Dalloway, and The Metamorphosis the title had a clear connection to the novel.
Am I’m missing
something? Perhaps I don’t yet understand the title because its reasoning is
revealed later in the book. As I
continue to read The Stranger, my curiosity only grows about the meaning behind
the title. I have resisted the urge to visit Wikipedia and have come up with a
few hypotheses about the significance of the title.
1.
It
could refer to the Arabs in the novel. They are never personally named and
appear in the novel to be one indistinguishable friend group that just shows
up. We never learn anything about them except for the fact that the sister of
one of them was Raymond’s mistress. In that sense, to the reader, the Arabs are
almost complete strangers.
2.
This hypothesis is a spin off of the previous
one, but instead of the Arabs being strangers to us, the Arab who Mersault
murders was a stranger to him.
3.
Could
the term “stranger” refer not to an unknown person, but to one who is strange?

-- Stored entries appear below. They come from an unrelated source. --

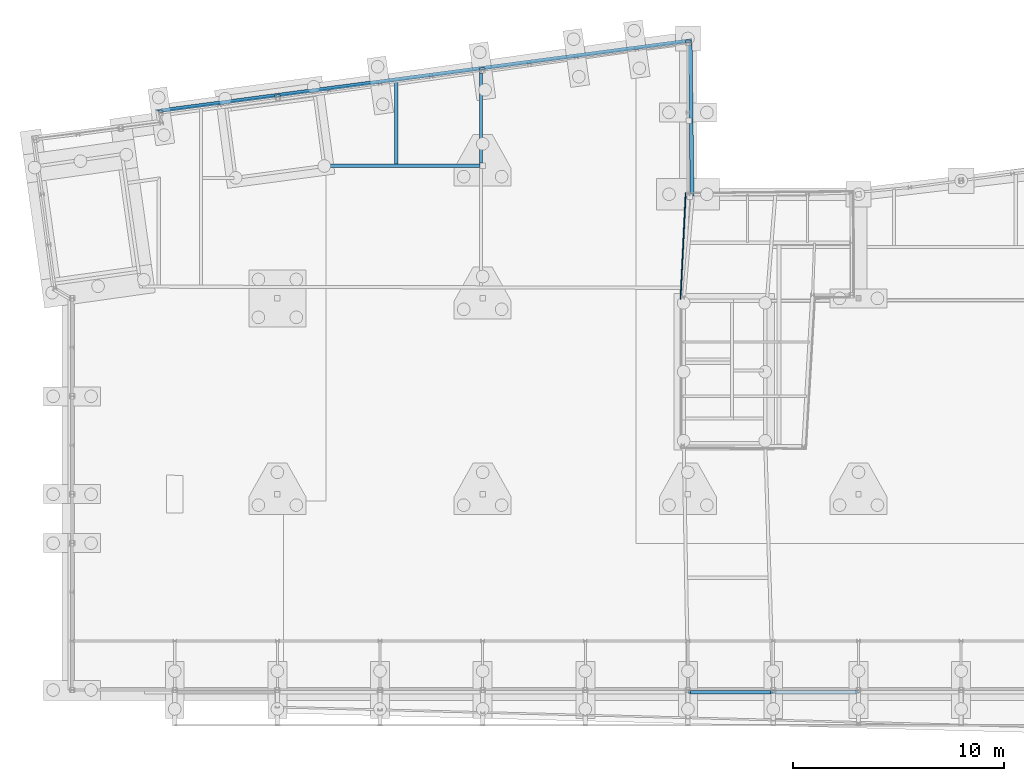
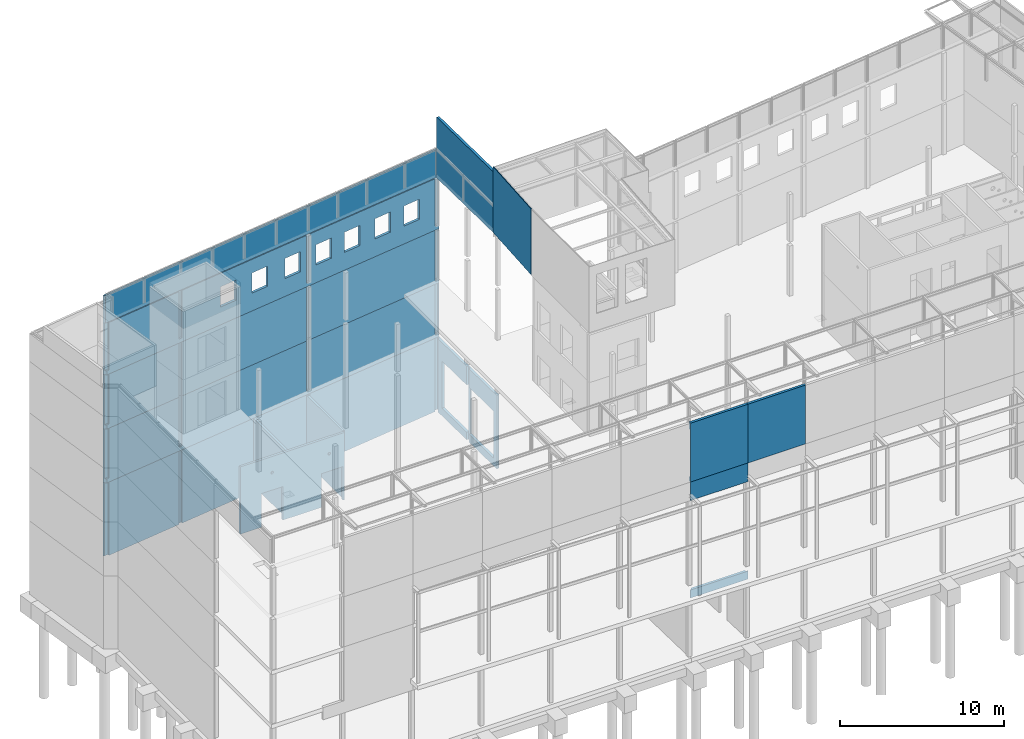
# One storey, part 72 of 82: 15 walls.
"""IFC2X3 building model written with IfcOpenShell, lengths in millimetres."""

from ifc_helpers import new_model, si_unit, frame, frame_2d, origin_with_axes, place, context, subcontext, project, spatial, polyline, rectangle, circle, outline, extrude, boolean, clip, halfspace, material, layer, layer_set, layer_usage, type_object, element, save


model = new_model("IFC2X3")

# Units and contexts
model_context = context("Model", 3, precision=1e-05, world=origin_with_axes())
body_context = subcontext(model_context, "Body", "Model", "MODEL_VIEW")
ifc_project = project(units=[si_unit("LENGTHUNIT", "METRE", prefix="MILLI"), si_unit("AREAUNIT", "SQUARE_METRE"), si_unit("VOLUMEUNIT", "CUBIC_METRE"), si_unit("MASSUNIT", "GRAM", prefix="KILO"), si_unit("TIMEUNIT", "SECOND"), si_unit("PLANEANGLEUNIT", "RADIAN"), si_unit("SOLIDANGLEUNIT", "STERADIAN"), si_unit("THERMODYNAMICTEMPERATUREUNIT", "DEGREE_CELSIUS"), si_unit("LUMINOUSINTENSITYUNIT", "LUMEN")], contexts=[model_context])

# Site, building, storey
site_placement = place(None, origin_with_axes())
site = spatial("IfcSite", under=ifc_project, at=site_placement, Name="Undefined", CompositionType="ELEMENT")
building_placement = place(site_placement, origin_with_axes())
building = spatial("IfcBuilding", under=site, at=building_placement, Name="Undefined", CompositionType="ELEMENT")
storey_placement = place(building_placement, origin_with_axes())
storey = spatial("IfcBuildingStorey", under=building, at=storey_placement, Name="Undefined", CompositionType="ELEMENT", Elevation=0.0)

# Walls
ifc_material_1 = material(Name="STEEL/Steel_Undefined")
wall_type_1 = type_object("IfcWallType", Name="4900*50", PredefinedType="NOTDEFINED")
wall_1_placement = place(storey_placement, frame((29144.9688056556, 23626.5175870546, 17179.9999999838), z_axis=(0.0, 0.0, 1.0), x_axis=(-0.0485784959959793, -0.998819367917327, 0.0)))
element("IfcWall", 1, at=wall_1_placement, inside=storey, type_object=wall_type_1, material=ifc_material_1, Name="HABILLAGE", ObjectType="4900*50", context=body_context, shape_type="Clipping", body=[
    clip(clip(extrude(rectangle(XDim=5166.432575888, YDim=50.0, at=frame_2d((0.0, 2545.86590553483), x_axis=(0.0, -1.0))), frame((0.0, 0.0, 0.0), z_axis=(0.0, 0.0, 1.0), x_axis=(-2.77555756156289e-17, -1.0, 0.0)), (0.0, 0.0, 1.0), 4900.0), halfspace(frame((5068.79728353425, -25.0000000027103, 2450.0), z_axis=(0.99970482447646, 0.0242953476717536, 0.0), x_axis=(0.0, 0.0, 1.0)), False)), halfspace(frame((47.0841811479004, 25.0000000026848, 2450.0), z_axis=(-0.728015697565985, 0.685560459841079, 0.0), x_axis=(0.0, 0.0, 1.0)), False)),
])
ifc_material_2 = material(Name="CONCRETE/C25/30")
wall_type_2 = type_object("IfcWallType", Name="4515*180", PredefinedType="NOTDEFINED")
wall_2_placement = place(storey_placement, frame((29357.6036684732, 30945.659319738, 16860.0), z_axis=(0.0, 0.0, 1.0), x_axis=(0.0117836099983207, -0.999930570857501, 0.0)))
element("IfcWall", 2, at=wall_2_placement, inside=storey, type_object=wall_type_2, material=ifc_material_2, Name="PANNEAU_FACADE", ObjectType="4515*180", context=body_context, shape_type="CSG", body=[
    boolean("DIFFERENCE", boolean("DIFFERENCE", extrude(rectangle(XDim=7585.18398106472, YDim=180.0, at=frame_2d((0.0, 3700.79612755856), x_axis=(0.0, -1.0))), frame((0.0, 0.0, 0.0), z_axis=(0.0, 0.0, 1.0), x_axis=(-2.77555756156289e-17, -1.0, 0.0)), (0.0, 0.0, 1.0), 4515.0), extrude(outline(polyline([(5.17284206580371e-08, 4.49290382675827e-10), (180.012496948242, -2.5465851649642e-10), (177.686965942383, 197.339630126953), (-2.30053949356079, 195.21858215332), (5.17284206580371e-08, 4.49290382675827e-10)])), frame((195.232142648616, -90.0000000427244, 2071.0), z_axis=(0.0, 0.0, 1.0), x_axis=(0.0117836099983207, 0.999930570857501, 0.0)), (0.0, 0.0, 1.0), 2444.0)), halfspace(frame((-4.00905264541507e-08, 90.0000000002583, 2257.5), z_axis=(-0.794650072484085, -0.607067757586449, 0.0), x_axis=(0.0, 0.0, 1.0)), False)),
])
wall_type_3 = type_object("IfcWallType", Name="2071*115", PredefinedType="NOTDEFINED")
wall_3_placement = place(storey_placement, frame((3975.74448747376, 27515.9890702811, 16860.0), z_axis=(0.0, 0.0, 1.0), x_axis=(0.991347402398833, 0.13126434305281, 0.0)))
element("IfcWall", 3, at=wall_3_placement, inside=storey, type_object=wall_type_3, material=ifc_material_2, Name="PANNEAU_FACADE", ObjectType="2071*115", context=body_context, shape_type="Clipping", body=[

Mersault and Raymond and Salamano all have major issues and are very strange.
Mersault is especially strange in the way he goes along with Raymond even when
it is not ethical, has no sense of self preservation and in the way he reacts
to his mother’s death.
4.
The
title could be a reflection of Albert Camus’s intrigue with the absurd. The
absurd is the idea that everything in the meaning only has meaning because we
give it meaning. That said, maybe Camus is trying
to say we are all strangers until we meet and give meaning to our interactions.
I think this one is a little far fetched, but it could be a possibility.
These are just a
few ideas that have been floating around in my mind as to why The Stranger is titled The Stranger. Hopefully as we finish up
the book, we’ll get a clear answer and the title will make perfect sense.